Lack of Basic Representations, Warranties and Conditions Precedent

LSTA forms do not contain basic representations, warranties and conditions precedent that many aviation industry participants are accustomed to seeing in Aircraft Loan transfers completed using negotiated Aircraft Loan purchase agreements. Below are a few examples:

  • No Aircraft Documents Representation. LSTA forms do not contain a representation specifically identifying a definitive set of loan documents that include all the obligations that the purchaser will be assuming in connection with the purchased Aircraft Loans.6
  • No Consent Rights over Amendments. LSTA forms do not provide a purchaser with any consent rights over amendments that may be effected after the trade date (i.e., date of trade specified in the LSTA confirmation) and prior to the settlement date (i.e., the closing date of the trade).7
  • No Borrower/Collateral Conditions Precedent. LSTA forms do not contain any conditions precedent regarding the borrower or the collateral (e.g., no default under a credit agreement or lease (in case of a leveraged lease), no loss or damage to the Aircraft, no other liens on the Aircraft, etc.).
  • No Documentary Conditions Precedent. LSTA forms do not contain any documentary conditions precedent to speak of (e.g., no opinions, no corporate authority deliverables, etc.).

Any of these terms and conditions may be incorporated into a transaction completed utilizing LSTA forms by including the desired terms, as agreed, in the "Trade Specific Other Terms of Trade" section of the LSTA confirmation.

Pre-agreed Purchase Price Calculation

LSTA forms set forth an agreed Purchase Rate expressed as a percentage that, when multiplied by the outstanding principal amount of loans being purchased, forms the purchase price for the loans. The purchase price is adjusted based on a Target Settlement Date (which is analogous to an Economic Closing Date in typical aviation transactions). For trades completed on LSTA par documents, the Target Settlement Date is seven business days after the trade date and for trades completed on LSTA distressed documents, the Target Settlement Date is 20 business days after the trade date. Generally, the adjustment results in the purchaser receiving a credit for all interest accrued after the Target Settlement Date and the seller receiving a cost-of-carry adjustment on the purchase price from and after the Target Settlement Date calculated on the basis of one month’s LIBOR.8 While this purchase price calculation methodology is not intrinsically unfair or unworkable, and in many respects is very similar to purchase price adjustments often agreed to in negotiated Aircraft Loan purchase agreements, it is important that parties understand how the calculations work.

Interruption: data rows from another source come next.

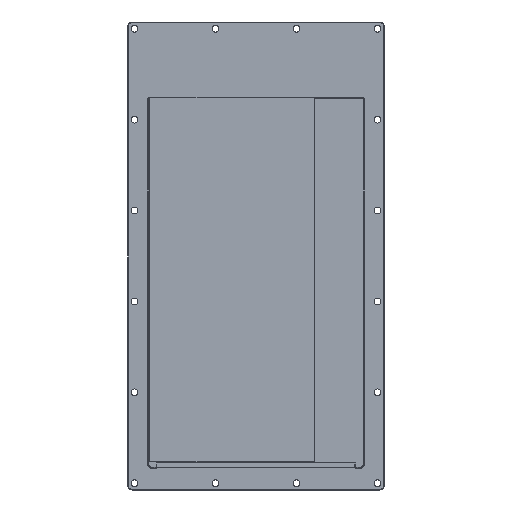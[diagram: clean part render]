
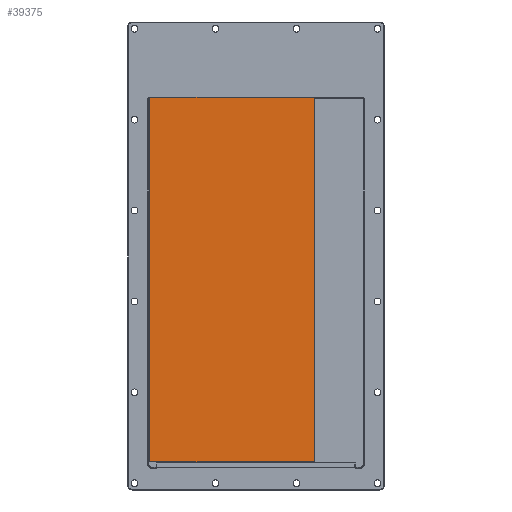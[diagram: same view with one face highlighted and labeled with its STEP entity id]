
A CAD part, front view. The second image highlights one B-rep face of the part: STEP entity #39375.
In plain terms, the highlighted planar face has unit normal (0, -1, 0).
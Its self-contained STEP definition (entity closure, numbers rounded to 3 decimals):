
#228 = ORIENTED_EDGE ( 'NONE', *, *, #66640, .T. ) ;
#5660 = LINE ( 'NONE', #27185, #83807 ) ;
#8764 = CARTESIAN_POINT ( 'NONE',  ( 91.5, -15.5, -173.5 ) ) ;
#10302 = ORIENTED_EDGE ( 'NONE', *, *, #41490, .T. ) ;
#12038 = CARTESIAN_POINT ( 'NONE',  ( -91.5, -15.5, -173.5 ) ) ;
#13505 = DIRECTION ( 'NONE',  ( -1., 0., 0. ) ) ;
#13562 = VERTEX_POINT ( 'NONE', #12038 ) ;
#13786 = DIRECTION ( 'NONE',  ( 0., 1., 0. ) ) ;
#14849 = VERTEX_POINT ( 'NONE', #59614 ) ;
#15252 = LINE ( 'NONE', #88251, #68151 ) ;
#19676 = PLANE ( 'NONE',  #34129 ) ;
#24448 = VERTEX_POINT ( 'NONE', #59228 ) ;
#27185 = CARTESIAN_POINT ( 'NONE',  ( 91.5, -15.5, 231.5 ) ) ;
#34129 = AXIS2_PLACEMENT_3D ( 'NONE', #35782, #13786, #87282 ) ;
#35782 = CARTESIAN_POINT ( 'NONE',  ( 0., -15.5, 0. ) ) ;
#37288 = ORIENTED_EDGE ( 'NONE', *, *, #80571, .T. ) ;
#38136 = DIRECTION ( 'NONE',  ( 1., 0., 0. ) ) ;
#39375 = ADVANCED_FACE ( 'NONE', ( #69152 ), #19676, .F. ) ;
#41490 = EDGE_CURVE ( 'NONE', #13562, #24448, #96980, .T. ) ;
#44324 = VERTEX_POINT ( 'NONE', #46742 ) ;
#45432 = EDGE_CURVE ( 'NONE', #14849, #13562, #62762, .T. ) ;
#46742 = CARTESIAN_POINT ( 'NONE',  ( 91.5, -15.5, 231.5 ) ) ;
#49048 = CARTESIAN_POINT ( 'NONE',  ( -91.5, -15.5, 231.5 ) ) ;
#59228 = CARTESIAN_POINT ( 'NONE',  ( 91.5, -15.5, -173.5 ) ) ;
#59614 = CARTESIAN_POINT ( 'NONE',  ( -91.5, -15.5, 231.5 ) ) ;
#59621 = VECTOR ( 'NONE', #38136, 1000. ) ;
#62762 = LINE ( 'NONE', #49048, #73234 ) ;
#63600 = EDGE_LOOP ( 'NONE', ( #37288, #228, #80624, #10302 ) ) ;
#66640 = EDGE_CURVE ( 'NONE', #44324, #14849, #5660, .T. ) ;
#67155 = DIRECTION ( 'NONE',  ( 0., 0., 1. ) ) ;
#68151 = VECTOR ( 'NONE', #67155, 1000. ) ;
#69152 = FACE_OUTER_BOUND ( 'NONE', #63600, .T. ) ;
#73234 = VECTOR ( 'NONE', #78937, 1000. ) ;
#78937 = DIRECTION ( 'NONE',  ( 0., 0., -1. ) ) ;
#80571 = EDGE_CURVE ( 'NONE', #24448, #44324, #15252, .T. ) ;
#80624 = ORIENTED_EDGE ( 'NONE', *, *, #45432, .T. ) ;
#83807 = VECTOR ( 'NONE', #13505, 1000. ) ;
#87282 = DIRECTION ( 'NONE',  ( 0., 0., 1. ) ) ;
#88251 = CARTESIAN_POINT ( 'NONE',  ( 91.5, -15.5, 231.5 ) ) ;
#96980 = LINE ( 'NONE', #8764, #59621 ) ;

LSTA forms were primarily intended to be utilized for transfers of widely syndicated "cash flow" loans. Investors in this asset class do not, as a matter of practice, need to rely on a seller for information regarding loans being sold. This information is typically provided by the administrative agent of the underlying loan facility to both lenders and prospective lenders via a secure data site. Furthermore, widely syndicated cash flow loans derive their value from the cash flows of the underlying business and the credit quality of the borrower. Aircraft Loan investors, on the other hand, are forced to rely on sellers to provide information regarding the underlying loan documents and related aircraft collateral, and the value of an Aircraft Loan is often highly (or solely) dependent on the value of the underlying collateral. This information and valuation dichotomy gives rise to many of the issues discussed above. While the presence of these issues, in and of themselves, should not deter parties from utilizing the LSTA forms for transfers of Aircraft Loans, it is important that transaction parties understand these issues and modify the LSTA trade forms to fit the specific transaction.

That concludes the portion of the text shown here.